22. The world below is as empty, as the hollow sky above us; both of those are empty nothings, except that our minds make something or other of them, agreeably to its desire or fancy.
23. All things are unsubstantial and unsubstantiated by the unsubstantial mind; thus the world being but a creation of our fancy a desideratum, there is nothing substantial for you to think about.
24. Our reliance on unrealities proving to be unreal, leaves no room for our thinking about them; the suppression of their thoughts produces that perfection, insouciance, than which there is nothing more desirable on earth. Forget therefore all that is unreal.
25. The nice discernment of things, will preserve you from the excess of joy and grief, and the knowledge of the Vanity of things, will keep out your affection for or reliance on any person or thing.
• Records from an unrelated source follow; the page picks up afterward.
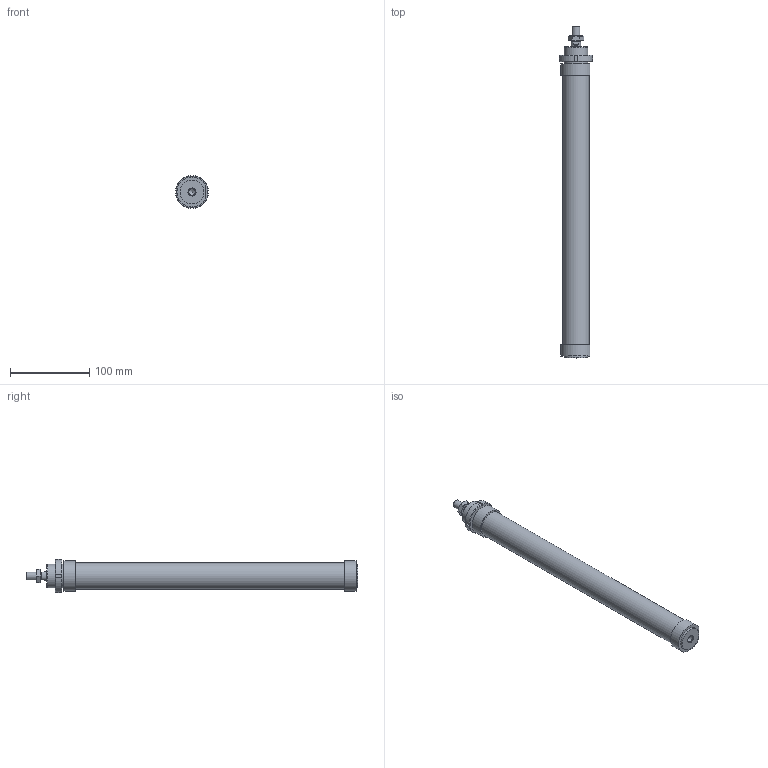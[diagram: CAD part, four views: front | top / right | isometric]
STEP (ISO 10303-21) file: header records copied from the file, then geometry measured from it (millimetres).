
FILE_DESCRIPTION((''),'2;1');
FILE_NAME('I:\Area Tecnica\Disegni\VARIE-3D\Componenti\1280\1281_##_####_#\1281_32_0300.iam.stp','2009-06-04T09:41:22',(''),(''),'Autodesk Inventor 2010','Autodesk Inventor 2010','');
FILE_SCHEMA(('AUTOMOTIVE_DESIGN { 1 0 10303 214 1 1 1 1 }'));
Length unit declared in the file: millimetre
Products named in the file (5): 1281_32_0300; C1281_32_300; S1280_32_300; 1200_32_05; 1200_32_06
Assembly tree (4 placements, depth 2):
  1281_32_0300
    C1281_32_300
    S1280_32_300
    1200_32_05
    1200_32_06
Bounding box: 41.7 x 419.5 x 41.7 mm (x, y, z)
Volume: 358287.7 mm3; surface area: 75555.3 mm2
Topology: 4 solids, 4 shells, 88 faces, 195 edges, 124 vertices
Faces by surface type: plane 39, cone 22, bspline 14, cylinder 13
Full cylindrical faces by diameter (mm): 8.8 x1, 10 x1, 12 x2, 30 x2, 33.6 x1
Entity records: 2663 total; most frequent: CARTESIAN_POINT 675, DIRECTION 362, ORIENTED_EDGE 338, EDGE_CURVE 169, AXIS2_PLACEMENT_3D 150, EDGE_LOOP 122, VERTEX_POINT 119, STYLED_ITEM 92

26. The removal of reliance upon the world, removes our attachment to it; and consequently prevents our joy or sorrow at the gain or loss of any thing.
27. The mind which becomes the living principle, stretches out his city of the world by an act of its imagination; and then turns it about as the present, past, and future worlds, (i.e. the mind produces, destroys and reproduces the world, as it builds and breaks and rebuilds its aerial castles).
28. The mind being subject to the sensational, emotional and volitive feelings; loses the purity of its intellectual nature, and plays many parts by its sensuousness.
29. The living soul also forgets the nature of the universal soul from which it is derived, and is transformed to a puny animalcule in the heart of man, where it plays its pranks like an ape in the woods.
30. Its desires are as irrepressible, as the waves of the ocean, and they rise and fall by turns like the waves, in expectation of having every object of the senses.
31. Our desire like fire, is kindled by every straw; and it burns and blows out in its invisible form within the mind.